(Items from a data source)

=== Section Start ===

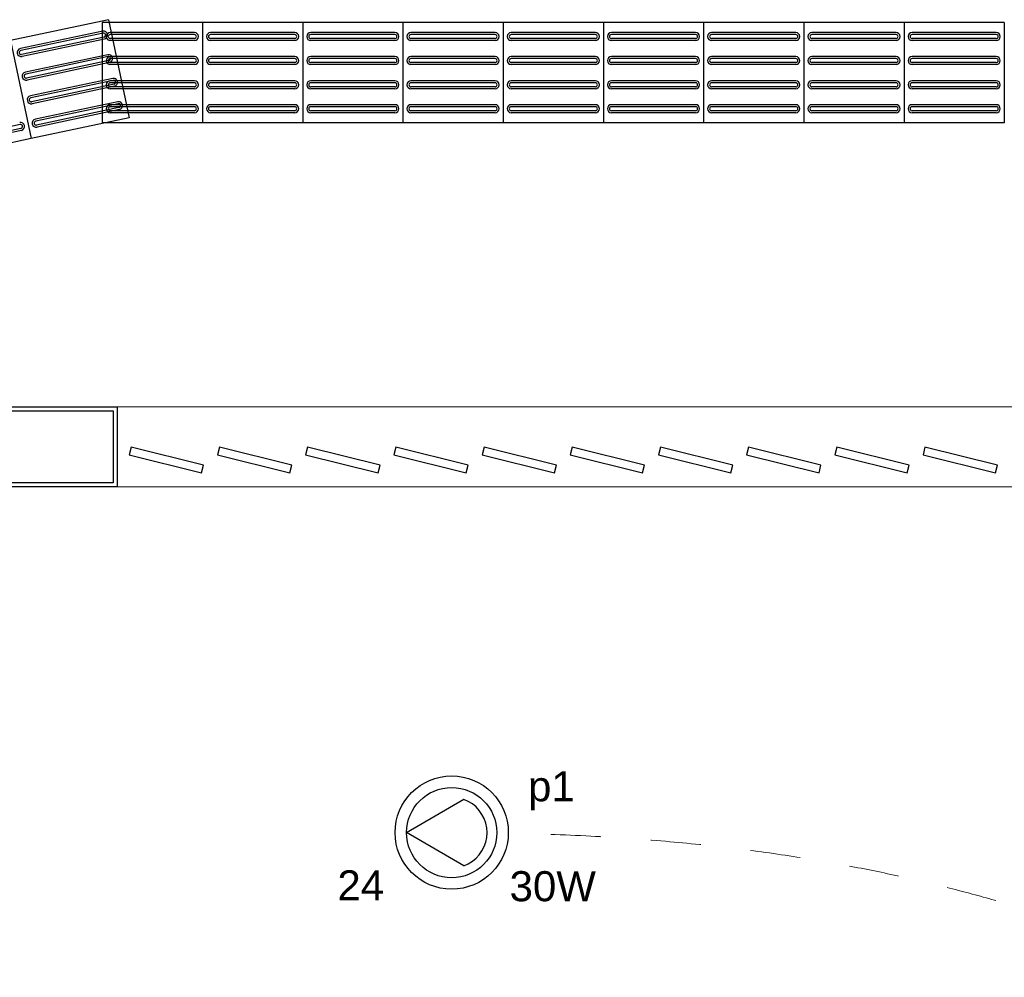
# Model space of a CAD drawing. Header units: feet. Extents: x -18 to 1038, y -110 to 48.
# Tile 27 of 199: x 2.72 to 5.18, y -15.75 to -13.36. Entities that reach past the tile are written whole.
import ezdxf

# ---------------------------------------------------------------- set-up
doc = ezdxf.new("R2010")
doc.units = ezdxf.units.FT
doc.header["$MEASUREMENT"] = 0
doc.linetypes.add('JIS_02_1.2', pattern=[0.25, 0.125, -0.125])
for name, color, linetype, lineweight in [('02', 2, 'Continuous', 20), ('EL-Condutos', 4, 'Continuous', 5), ('Textos', 7, 'Continuous', 5)]:
    doc.layers.add(name, color=color, linetype=linetype, lineweight=lineweight)
for name, color, linetype in [('Arq-parede-alta', 5, 'Continuous'), ('CIV-Piso Tátil', 32, 'Continuous'), ('ESQUADRIAS CORTE', 3, 'Continuous'), ('JANELA', 3, 'Continuous'), ('P-SIMBOL', 5, 'Continuous')]:
    doc.layers.add(name, color=color, linetype=linetype)
doc.styles.add('Arial', font='arial.ttf')

msp = doc.modelspace()

# ---------------------------------------------------------------- linework, layer by layer
at = {"layer": '02', "color": 251}
for p, q in [((2.9628, -14.3294), (8.7628, -14.3294)), ((2.9628, -14.5294), (8.7628, -14.5294))]:
    msp.add_line(p, q, dxfattribs=at)
at = {"layer": 'Arq-parede-alta', "color": 251, "ltscale": 0.03}
msp.add_lwpolyline([(2.6628, -14.3294), (2.9628, -14.3294), (2.9628, -14.5294), (2.6628, -14.5294)], close=True, dxfattribs=at)
at = {"layer": 'CIV-Piso Tátil', "color": 251}
for p, q in [((2.9411, -13.364), (2.6966, -13.4159)), ((3.1755, -13.371), (2.9255, -13.371)), ((2.9255, -13.371), (2.9255, -13.621)), ((2.9411, -13.364), (2.993, -13.6086)), ((3.4255, -13.371), (3.1755, -13.371)), ((3.1755, -13.371), (3.1755, -13.621)), ((3.1755, -13.371), (3.1755, -13.621)), ((3.6755, -13.371), (3.4255, -13.371)), ((3.4255, -13.371), (3.4255, -13.621)), ((3.4255, -13.371), (3.4255, -13.621)), ((3.9255, -13.371), (3.6755, -13.371)), ((3.6755, -13.371), (3.6755, -13.621)), ((3.6755, -13.371), (3.6755, -13.621)), ((3.9255, -13.371), (3.9255, -13.621)), ((4.1755, -13.371), (3.9255, -13.371)), ((3.9255, -13.371), (3.9255, -13.621)), ((4.1755, -13.371), (4.1755, -13.621)), ((4.4255, -13.371), (4.1755, -13.371)), ((4.1755, -13.371), (4.1755, -13.621)), ((4.4255, -13.371), (4.4255, -13.621)), ((4.6755, -13.371), (4.4255, -13.371)), ((4.4255, -13.371), (4.4255, -13.621)), ((4.6755, -13.371), (4.6755, -13.621)), ((4.9255, -13.371), (4.6755, -13.371)), ((4.6755, -13.371), (4.6755, -13.621)), ((4.9255, -13.371), (4.9255, -13.621)), ((5.1755, -13.371), (4.9255, -13.371)), ((4.9255, -13.371), (4.9255, -13.621)), ((5.1755, -13.371), (5.1755, -13.621)), ((2.9268, -13.3926), (2.7213, -13.4362)), ((2.9278, -13.3975), (2.7224, -13.4411)), ((2.9299, -13.4073), (2.7244, -13.4509)), ((3.1555, -13.396), (2.9455, -13.396)), ((3.1555, -13.401), (2.9455, -13.401)), ((3.4055, -13.396), (3.1955, -13.396)), ((3.4055, -13.401), (3.1955, -13.401)), ((3.6555, -13.396), (3.4455, -13.396)), ((3.6555, -13.401), (3.4455, -13.401)), ((3.9055, -13.396), (3.6955, -13.396)), ((3.9055, -13.401), (3.6955, -13.401)), ((4.1555, -13.396), (3.9455, -13.396)), ((4.1555, -13.401), (3.9455, -13.401)), ((4.4055, -13.396), (4.1955, -13.396)), ((4.4055, -13.401), (4.1955, -13.401)), ((4.6555, -13.396), (4.4455, -13.396)), ((4.6555, -13.401), (4.4455, -13.401)), ((4.9055, -13.396), (4.6955, -13.396)), ((4.9055, -13.401), (4.6955, -13.401)), ((5.1555, -13.396), (4.9455, -13.396)), ((5.1555, -13.401), (4.9455, -13.401)), ((2.6966, -13.4159), (2.7484, -13.6605)), ((2.6966, -13.4159), (2.7484, -13.6605)), ((2.9309, -13.4122), (2.7255, -13.4558)), ((3.1555, -13.411), (2.9455, -13.411)), ((3.1555, -13.416), (2.9455, -13.416)), ((3.4055, -13.411), (3.1955, -13.411)), ((3.4055, -13.416), (3.1955, -13.416)), ((3.6555, -13.411), (3.4455, -13.411)), ((3.6555, -13.416), (3.4455, -13.416)), ((3.9055, -13.411), (3.6955, -13.411)), ((3.9055, -13.416), (3.6955, -13.416)), ((4.1555, -13.411), (3.9455, -13.411)), ((4.1555, -13.416), (3.9455, -13.416)), ((4.4055, -13.411), (4.1955, -13.411)), ((4.4055, -13.416), (4.1955, -13.416)), ((4.6555, -13.411), (4.4455, -13.411)), ((4.6555, -13.416), (4.4455, -13.416)), ((4.9055, -13.411), (4.6955, -13.411)), ((4.9055, -13.416), (4.6955, -13.416)), ((5.1555, -13.411), (4.9455, -13.411)), ((5.1555, -13.416), (4.9455, -13.416)), ((2.9392, -13.4513), (2.7338, -13.4949)), ((2.9402, -13.4562), (2.7348, -13.4998)), ((3.1555, -13.456), (2.9455, -13.456)), ((3.4055, -13.456), (3.1955, -13.456)), ((3.6555, -13.456), (3.4455, -13.456)), ((3.9055, -13.456), (3.6955, -13.456)), ((4.1555, -13.456), (3.9455, -13.456)), ((4.4055, -13.456), (4.1955, -13.456)), ((4.6555, -13.456), (4.4455, -13.456)), ((4.9055, -13.456), (4.6955, -13.456)), ((5.1555, -13.456), (4.9455, -13.456)), ((2.9423, -13.466), (2.7369, -13.5096)), ((2.9433, -13.4709), (2.7379, -13.5145)), ((3.1555, -13.461), (2.9455, -13.461)), ((3.1555, -13.471), (2.9455, -13.471)), ((3.1555, -13.476), (2.9455, -13.476)), ((3.4055, -13.461), (3.1955, -13.461)), ((3.4055, -13.471), (3.1955, -13.471)), ((3.4055, -13.476), (3.1955, -13.476)), ((3.6555, -13.461), (3.4455, -13.461)), ((3.6555, -13.471), (3.4455, -13.471)), ((3.6555, -13.476), (3.4455, -13.476)), ((3.9055, -13.461), (3.6955, -13.461)), ((3.9055, -13.471), (3.6955, -13.471)), ((3.9055, -13.476), (3.6955, -13.476)), ((4.1555, -13.461), (3.9455, -13.461)), ((4.1555, -13.471), (3.9455, -13.471)), ((4.1555, -13.476), (3.9455, -13.476)), ((4.4055, -13.461), (4.1955, -13.461)), ((4.4055, -13.471), (4.1955, -13.471)), ((4.4055, -13.476), (4.1955, -13.476)), ((4.6555, -13.461), (4.4455, -13.461)), ((4.6555, -13.471), (4.4455, -13.471)), ((4.6555, -13.476), (4.4455, -13.476)), ((4.9055, -13.461), (4.6955, -13.461)), ((4.9055, -13.471), (4.6955, -13.471)), ((4.9055, -13.476), (4.6955, -13.476)), ((5.1555, -13.461), (4.9455, -13.461)), ((5.1555, -13.471), (4.9455, -13.471)), ((5.1555, -13.476), (4.9455, -13.476)), ((2.9517, -13.5105), (2.7463, -13.5541)), ((2.9528, -13.5154), (2.7474, -13.5589)), ((2.9549, -13.5252), (2.7494, -13.5687)), ((2.9559, -13.5301), (2.7505, -13.5736)), ((3.1555, -13.5165), (2.9455, -13.5165)), ((3.1555, -13.5215), (2.9455, -13.5215)), ((3.1555, -13.5315), (2.9455, -13.5315)), ((3.4055, -13.5165), (3.1955, -13.5165)), ((3.4055, -13.5215), (3.1955, -13.5215)), ((3.4055, -13.5315), (3.1955, -13.5315)), ((3.6555, -13.5165), (3.4455, -13.5165)), ((3.6555, -13.5215), (3.4455, -13.5215)), ((3.6555, -13.5315), (3.4455, -13.5315)), ((3.9055, -13.5165), (3.6955, -13.5165)), ((3.9055, -13.5215), (3.6955, -13.5215)), ((3.9055, -13.5315), (3.6955, -13.5315)), ((4.1555, -13.5165), (3.9455, -13.5165)), ((4.1555, -13.5215), (3.9455, -13.5215)), ((4.1555, -13.5315), (3.9455, -13.5315)), ((4.4055, -13.5165), (4.1955, -13.5165)), ((4.4055, -13.5215), (4.1955, -13.5215)), ((4.4055, -13.5315), (4.1955, -13.5315)), ((4.6555, -13.5165), (4.4455, -13.5165)), ((4.6555, -13.5215), (4.4455, -13.5215)), ((4.6555, -13.5315), (4.4455, -13.5315)), ((4.9055, -13.5165), (4.6955, -13.5165)), ((4.9055, -13.5215), (4.6955, -13.5215)), ((4.9055, -13.5315), (4.6955, -13.5315)), ((5.1555, -13.5165), (4.9455, -13.5165)), ((5.1555, -13.5215), (4.9455, -13.5215)), ((5.1555, -13.5315), (4.9455, -13.5315)), ((3.1555, -13.5365), (2.9455, -13.5365)), ((3.4055, -13.5365), (3.1955, -13.5365)), ((3.6555, -13.5365), (3.4455, -13.5365)), ((3.9055, -13.5365), (3.6955, -13.5365)), ((4.1555, -13.5365), (3.9455, -13.5365)), ((4.4055, -13.5365), (4.1955, -13.5365)), ((4.6555, -13.5365), (4.4455, -13.5365)), ((4.9055, -13.5365), (4.6955, -13.5365)), ((5.1555, -13.5365), (4.9455, -13.5365)), ((2.9641, -13.5687), (2.7587, -13.6123)), ((2.9651, -13.5736), (2.7597, -13.6172)), ((3.1555, -13.576), (2.9455, -13.576)), ((3.1555, -13.581), (2.9455, -13.581)), ((3.4055, -13.576), (3.1955, -13.576)), ((3.4055, -13.581), (3.1955, -13.581)), ((3.6555, -13.576), (3.4455, -13.576)), ((3.6555, -13.581), (3.4455, -13.581)), ((3.9055, -13.576), (3.6955, -13.576)), ((3.9055, -13.581), (3.6955, -13.581)), ((4.1555, -13.576), (3.9455, -13.576)), ((4.1555, -13.581), (3.9455, -13.581)), ((4.4055, -13.576), (4.1955, -13.576)), ((4.4055, -13.581), (4.1955, -13.581)), ((4.6555, -13.576), (4.4455, -13.576)), ((4.6555, -13.581), (4.4455, -13.581)), ((4.9055, -13.576), (4.6955, -13.576)), ((4.9055, -13.581), (4.6955, -13.581)), ((5.1555, -13.576), (4.9455, -13.576)), ((5.1555, -13.581), (4.9455, -13.581)), ((2.9672, -13.5834), (2.7618, -13.627)), ((2.9682, -13.5883), (2.7628, -13.6319)), ((3.1555, -13.591), (2.9455, -13.591)), ((3.1555, -13.596), (2.9455, -13.596)), ((3.4055, -13.591), (3.1955, -13.591)), ((3.4055, -13.596), (3.1955, -13.596)), ((3.6555, -13.591), (3.4455, -13.591)), ((3.6555, -13.596), (3.4455, -13.596)), ((3.9055, -13.591), (3.6955, -13.591)), ((3.9055, -13.596), (3.6955, -13.596)), ((4.1555, -13.591), (3.9455, -13.591)), ((4.1555, -13.596), (3.9455, -13.596)), ((4.4055, -13.591), (4.1955, -13.591)), ((4.4055, -13.596), (4.1955, -13.596)), ((4.6555, -13.591), (4.4455, -13.591)), ((4.6555, -13.596), (4.4455, -13.596)), ((4.9055, -13.591), (4.6955, -13.591)), ((4.9055, -13.596), (4.6955, -13.596)), ((5.1555, -13.591), (4.9455, -13.591)), ((5.1555, -13.596), (4.9455, -13.596)), ((2.7206, -13.6255), (2.5151, -13.669)), ((2.993, -13.6086), (2.7484, -13.6605)), ((3.1755, -13.621), (2.9255, -13.621)), ((3.4255, -13.621), (3.1755, -13.621)), ((3.6755, -13.621), (3.4255, -13.621)), ((3.9255, -13.621), (3.6755, -13.621)), ((4.1755, -13.621), (3.9255, -13.621)), ((4.4255, -13.621), (4.1755, -13.621)), ((4.6755, -13.621), (4.4255, -13.621)), ((4.9255, -13.621), (4.6755, -13.621)), ((5.1755, -13.621), (4.9255, -13.621)), ((2.7226, -13.6353), (2.5172, -13.6788)), ((2.7237, -13.6401), (2.5183, -13.6837)), ((2.7484, -13.6605), (2.5039, -13.7123))]:
    msp.add_line(p, q, dxfattribs=at)
for centre, radius, start, end in [((2.9288, -13.4024), 0.01, 281.9729, 101.9729), ((2.9288, -13.4024), 0.005, 281.9729, 101.9729), ((2.9455, -13.406), 0.01, 90, 270), ((2.9455, -13.406), 0.005, 90, 270), ((3.1555, -13.406), 0.01, 270, 90), ((3.1555, -13.406), 0.005, 270, 90), ((3.1955, -13.406), 0.01, 90, 270), ((3.1955, -13.406), 0.005, 90, 270), ((3.4055, -13.406), 0.01, 270, 90), ((3.4055, -13.406), 0.005, 270, 90), ((3.4455, -13.406), 0.01, 90, 270), ((3.4455, -13.406), 0.005, 90, 270), ((3.6555, -13.406), 0.01, 270, 90), ((3.6555, -13.406), 0.005, 270, 90), ((3.6955, -13.406), 0.01, 90, 270), ((3.6955, -13.406), 0.005, 90, 270), ((3.9055, -13.406), 0.01, 270, 90), ((3.9055, -13.406), 0.005, 270, 90), ((3.9455, -13.406), 0.01, 90, 270), ((3.9455, -13.406), 0.005, 90, 270), ((4.1555, -13.406), 0.01, 270, 90), ((4.1555, -13.406), 0.005, 270, 90), ((4.1955, -13.406), 0.01, 90, 270), ((4.1955, -13.406), 0.005, 90, 270), ((4.4055, -13.406), 0.01, 270, 90), ((4.4055, -13.406), 0.005, 270, 90), ((4.4455, -13.406), 0.01, 90, 270), ((4.4455, -13.406), 0.005, 90, 270), ((4.6555, -13.406), 0.01, 270, 90), ((4.6555, -13.406), 0.005, 270, 90), ((4.6955, -13.406), 0.01, 90, 270), ((4.6955, -13.406), 0.005, 90, 270), ((4.9055, -13.406), 0.01, 270, 90), ((4.9055, -13.406), 0.005, 270, 90), ((4.9455, -13.406), 0.01, 90, 270), ((4.9455, -13.406), 0.005, 90, 270), ((5.1555, -13.406), 0.01, 270, 90), ((5.1555, -13.406), 0.005, 270, 90), ((2.7234, -13.446), 0.01, 101.9729, 281.9729), ((2.7234, -13.446), 0.005, 101.9729, 281.9729), ((2.9455, -13.466), 0.01, 90, 270), ((2.9413, -13.4611), 0.01, 281.9729, 101.9729), ((2.9413, -13.4611), 0.005, 281.9729, 101.9729), ((3.1555, -13.466), 0.01, 270, 90), ((3.1955, -13.466), 0.01, 90, 270), ((3.4055, -13.466), 0.01, 270, 90), ((3.4455, -13.466), 0.01, 90, 270), ((3.6555, -13.466), 0.01, 270, 90), ((3.6955, -13.466), 0.01, 90, 270), ((3.9055, -13.466), 0.01, 270, 90), ((3.9455, -13.466), 0.01, 90, 270), ((4.1555, -13.466), 0.01, 270, 90), ((4.1955, -13.466), 0.01, 90, 270), ((4.4055, -13.466), 0.01, 270, 90), ((4.4455, -13.466), 0.01, 90, 270), ((4.6555, -13.466), 0.01, 270, 90), ((4.6955, -13.466), 0.01, 90, 270), ((4.9055, -13.466), 0.01, 270, 90), ((4.9455, -13.466), 0.01, 90, 270), ((5.1555, -13.466), 0.01, 270, 90), ((2.9455, -13.466), 0.005, 90, 270), ((3.1555, -13.466), 0.005, 270, 90), ((3.1955, -13.466), 0.005, 90, 270), ((3.4055, -13.466), 0.005, 270, 90), ((3.4455, -13.466), 0.005, 90, 270), ((3.6555, -13.466), 0.005, 270, 90), ((3.6955, -13.466), 0.005, 90, 270), ((3.9055, -13.466), 0.005, 270, 90), ((3.9455, -13.466), 0.005, 90, 270), ((4.1555, -13.466), 0.005, 270, 90), ((4.1955, -13.466), 0.005, 90, 270), ((4.4055, -13.466), 0.005, 270, 90), ((4.4455, -13.466), 0.005, 90, 270), ((4.6555, -13.466), 0.005, 270, 90), ((4.6955, -13.466), 0.005, 90, 270), ((4.9055, -13.466), 0.005, 270, 90), ((4.9455, -13.466), 0.005, 90, 270), ((5.1555, -13.466), 0.005, 270, 90), ((2.7358, -13.5047), 0.01, 101.9729, 281.9729), ((2.7358, -13.5047), 0.005, 101.9729, 281.9729), ((2.9455, -13.5265), 0.01, 90, 270), ((2.9455, -13.5265), 0.005, 90, 270), ((2.9538, -13.5203), 0.01, 281.9729, 101.9729), ((2.9538, -13.5203), 0.005, 281.9729, 101.9729), ((3.1555, -13.5265), 0.01, 270, 90), ((3.1555, -13.5265), 0.005, 270, 90), ((3.1955, -13.5265), 0.01, 90, 270), ((3.1955, -13.5265), 0.005, 90, 270), ((3.4055, -13.5265), 0.01, 270, 90), ((3.4055, -13.5265), 0.005, 270, 90), ((3.4455, -13.5265), 0.01, 90, 270), ((3.4455, -13.5265), 0.005, 90, 270), ((3.6555, -13.5265), 0.01, 270, 90), ((3.6555, -13.5265), 0.005, 270, 90), ((3.6955, -13.5265), 0.01, 90, 270), ((3.6955, -13.5265), 0.005, 90, 270), ((3.9055, -13.5265), 0.01, 270, 90), ((3.9055, -13.5265), 0.005, 270, 90), ((3.9455, -13.5265), 0.01, 90, 270), ((3.9455, -13.5265), 0.005, 90, 270), ((4.1555, -13.5265), 0.01, 270, 90), ((4.1555, -13.5265), 0.005, 270, 90), ((4.1955, -13.5265), 0.01, 90, 270), ((4.1955, -13.5265), 0.005, 90, 270), ((4.4055, -13.5265), 0.01, 270, 90), ((4.4055, -13.5265), 0.005, 270, 90), ((4.4455, -13.5265), 0.01, 90, 270), ((4.4455, -13.5265), 0.005, 90, 270), ((4.6555, -13.5265), 0.01, 270, 90), ((4.6555, -13.5265), 0.005, 270, 90), ((4.6955, -13.5265), 0.01, 90, 270), ((4.6955, -13.5265), 0.005, 90, 270), ((4.9055, -13.5265), 0.01, 270, 90), ((4.9055, -13.5265), 0.005, 270, 90), ((4.9455, -13.5265), 0.01, 90, 270), ((4.9455, -13.5265), 0.005, 90, 270), ((5.1555, -13.5265), 0.01, 270, 90), ((5.1555, -13.5265), 0.005, 270, 90), ((2.7484, -13.5638), 0.01, 101.9729, 281.9729), ((2.7484, -13.5638), 0.005, 101.9729, 281.9729), ((2.9455, -13.586), 0.01, 90, 270), ((2.9455, -13.586), 0.005, 90, 270), ((2.9662, -13.5785), 0.01, 281.9729, 101.9729), ((2.9662, -13.5785), 0.005, 281.9729, 101.9729), ((3.1555, -13.586), 0.01, 270, 90), ((3.1555, -13.586), 0.005, 270, 90), ((3.1955, -13.586), 0.01, 90, 270), ((3.1955, -13.586), 0.005, 90, 270), ((3.4055, -13.586), 0.01, 270, 90), ((3.4055, -13.586), 0.005, 270, 90), ((3.4455, -13.586), 0.01, 90, 270), ((3.4455, -13.586), 0.005, 90, 270), ((3.6555, -13.586), 0.01, 270, 90), ((3.6555, -13.586), 0.005, 270, 90), ((3.6955, -13.586), 0.01, 90, 270), ((3.6955, -13.586), 0.005, 90, 270), ((3.9055, -13.586), 0.01, 270, 90), ((3.9055, -13.586), 0.005, 270, 90), ((3.9455, -13.586), 0.01, 90, 270), ((3.9455, -13.586), 0.005, 90, 270), ((4.1555, -13.586), 0.01, 270, 90), ((4.1555, -13.586), 0.005, 270, 90), ((4.1955, -13.586), 0.01, 90, 270), ((4.1955, -13.586), 0.005, 90, 270), ((4.4055, -13.586), 0.01, 270, 90), ((4.4055, -13.586), 0.005, 270, 90), ((4.4455, -13.586), 0.01, 90, 270), ((4.4455, -13.586), 0.005, 90, 270), ((4.6555, -13.586), 0.01, 270, 90), ((4.6555, -13.586), 0.005, 270, 90), ((4.6955, -13.586), 0.01, 90, 270), ((4.6955, -13.586), 0.005, 90, 270), ((4.9055, -13.586), 0.01, 270, 90), ((4.9055, -13.586), 0.005, 270, 90), ((4.9455, -13.586), 0.01, 90, 270), ((4.9455, -13.586), 0.005, 90, 270), ((5.1555, -13.586), 0.01, 270, 90), ((5.1555, -13.586), 0.005, 270, 90), ((2.7216, -13.6304), 0.01, 281.9729, 101.9729), ((2.7216, -13.6304), 0.005, 281.9729, 101.9729), ((2.7607, -13.6221), 0.01, 101.9729, 281.9729), ((2.7607, -13.6221), 0.005, 101.9729, 281.9729)]:
    msp.add_arc(centre, radius, start, end, dxfattribs=at)
at = {"layer": 'EL-Condutos', "linetype": 'JIS_02_1.2'}
msp.add_spline([(7.0927, -14.9292), (6.9472, -15.0704), (6.8141, -15.1958), (6.6922, -15.3062), (6.5806, -15.4024), (6.4783, -15.4851), (6.3841, -15.555), (6.2972, -15.613), (6.2164, -15.6598), (6.1409, -15.6962), (6.0694, -15.7228), (6.0011, -15.7406), (5.9349, -15.7502), (5.8698, -15.7523), (5.8047, -15.7479), (5.7387, -15.7375), (5.6708, -15.722), (5.5998, -15.7022), (5.5248, -15.6787), (5.4448, -15.6525), (5.3588, -15.6241), (5.2657, -15.5944), (5.1645, -15.5642), (5.0541, -15.5341), (4.9337, -15.505), (4.8021, -15.4777), (4.6584, -15.4528), (4.5015, -15.4311), (4.3303, -15.4135), (4.144, -15.4006), (3.9414, -15.3932)], degree=3, dxfattribs=at)
at = {"layer": 'ESQUADRIAS CORTE', "color": 251}
for points in [[(2.9928, -14.4494), (3.1734, -14.4946), (3.1783, -14.4752), (2.9977, -14.43)], [(3.2128, -14.4494), (3.3934, -14.4946), (3.3983, -14.4752), (3.2177, -14.43)], [(3.4328, -14.4494), (3.6134, -14.4946), (3.6183, -14.4752), (3.4377, -14.43)], [(3.6528, -14.4494), (3.8334, -14.4946), (3.8383, -14.4752), (3.6577, -14.43)], [(3.8728, -14.4494), (4.0534, -14.4946), (4.0583, -14.4752), (3.8777, -14.43)], [(4.0928, -14.4494), (4.2734, -14.4946), (4.2783, -14.4752), (4.0977, -14.43)], [(4.3128, -14.4494), (4.4934, -14.4946), (4.4983, -14.4752), (4.3177, -14.43)], [(4.5328, -14.4494), (4.7134, -14.4946), (4.7183, -14.4752), (4.5377, -14.43)], [(4.7528, -14.4494), (4.9334, -14.4946), (4.9383, -14.4752), (4.7577, -14.43)], [(4.9728, -14.4494), (5.1534, -14.4946), (5.1583, -14.4752), (4.9777, -14.43)]]:
    msp.add_lwpolyline(points, close=True, dxfattribs=at)
at = {"layer": 'JANELA', "color": 251}
msp.add_lwpolyline([(2.6728, -14.3394), (2.9528, -14.3394), (2.9528, -14.5194), (2.6728, -14.5194)], close=True, dxfattribs=at)
at = {"layer": 'P-SIMBOL'}
for p, q in [((3.6846, -15.3918), (3.8276, -15.3088)), ((3.8276, -15.4743), (3.6846, -15.3918))]:
    msp.add_line(p, q, dxfattribs=at)
msp.add_lwpolyline([(3.8277, -15.4744), (3.8386, -15.4695), (3.8487, -15.4632), (3.8578, -15.4556), (3.8659, -15.4469), (3.8727, -15.4371), (3.8781, -15.4265), (3.882, -15.4153), (3.8844, -15.4037), (3.8852, -15.3918), (3.8844, -15.3799), (3.882, -15.3683), (3.8781, -15.357), (3.8727, -15.3465), (3.8659, -15.3367), (3.8578, -15.3279), (3.8487, -15.3203), (3.8386, -15.3141), (3.8277, -15.3092)], dxfattribs=at)
for radius in [0.1412, 0.1125]:
    msp.add_circle((3.7971, -15.3918), radius, dxfattribs=at)

# ---------------------------------------------------------------- texts
at = {"layer": 'Textos', "char_height": 0.075, "attachment_point": 8, "line_spacing_factor": 0.6, "style": 'Arial'}
for s, insert, width in [('p1', (4.0458, -15.3363), 0.233003), ('24', (3.5703, -15.5609), 0.233003), ('30W', (4.0492, -15.5641), 0.430793)]:
    msp.add_mtext(s, dxfattribs=dict(at, insert=insert, width=width))

doc.saveas('drawing.dxf')

=== Section End ===

Your instructions:
With all pictures removed, reproduce the lines from the top of the entries above through the line containing "msp = doc.modelspace()", exactly as written.

Exercise result:
# Model space of a CAD drawing. Header units: feet. Extents: x -18 to 1038, y -110 to 48.
# Tile 27 of 199: x 2.72 to 5.18, y -15.75 to -13.36. Entities that reach past the tile are written whole.
import ezdxf

# ---------------------------------------------------------------- set-up
doc = ezdxf.new("R2010")
doc.units = ezdxf.units.FT
doc.header["$MEASUREMENT"] = 0
doc.linetypes.add('JIS_02_1.2', pattern=[0.25, 0.125, -0.125])
for name, color, linetype, lineweight in [('02', 2, 'Continuous', 20), ('EL-Condutos', 4, 'Continuous', 5), ('Textos', 7, 'Continuous', 5)]:
    doc.layers.add(name, color=color, linetype=linetype, lineweight=lineweight)
for name, color, linetype in [('Arq-parede-alta', 5, 'Continuous'), ('CIV-Piso Tátil', 32, 'Continuous'), ('ESQUADRIAS CORTE', 3, 'Continuous'), ('JANELA', 3, 'Continuous'), ('P-SIMBOL', 5, 'Continuous')]:
    doc.layers.add(name, color=color, linetype=linetype)
doc.styles.add('Arial', font='arial.ttf')

msp = doc.modelspace()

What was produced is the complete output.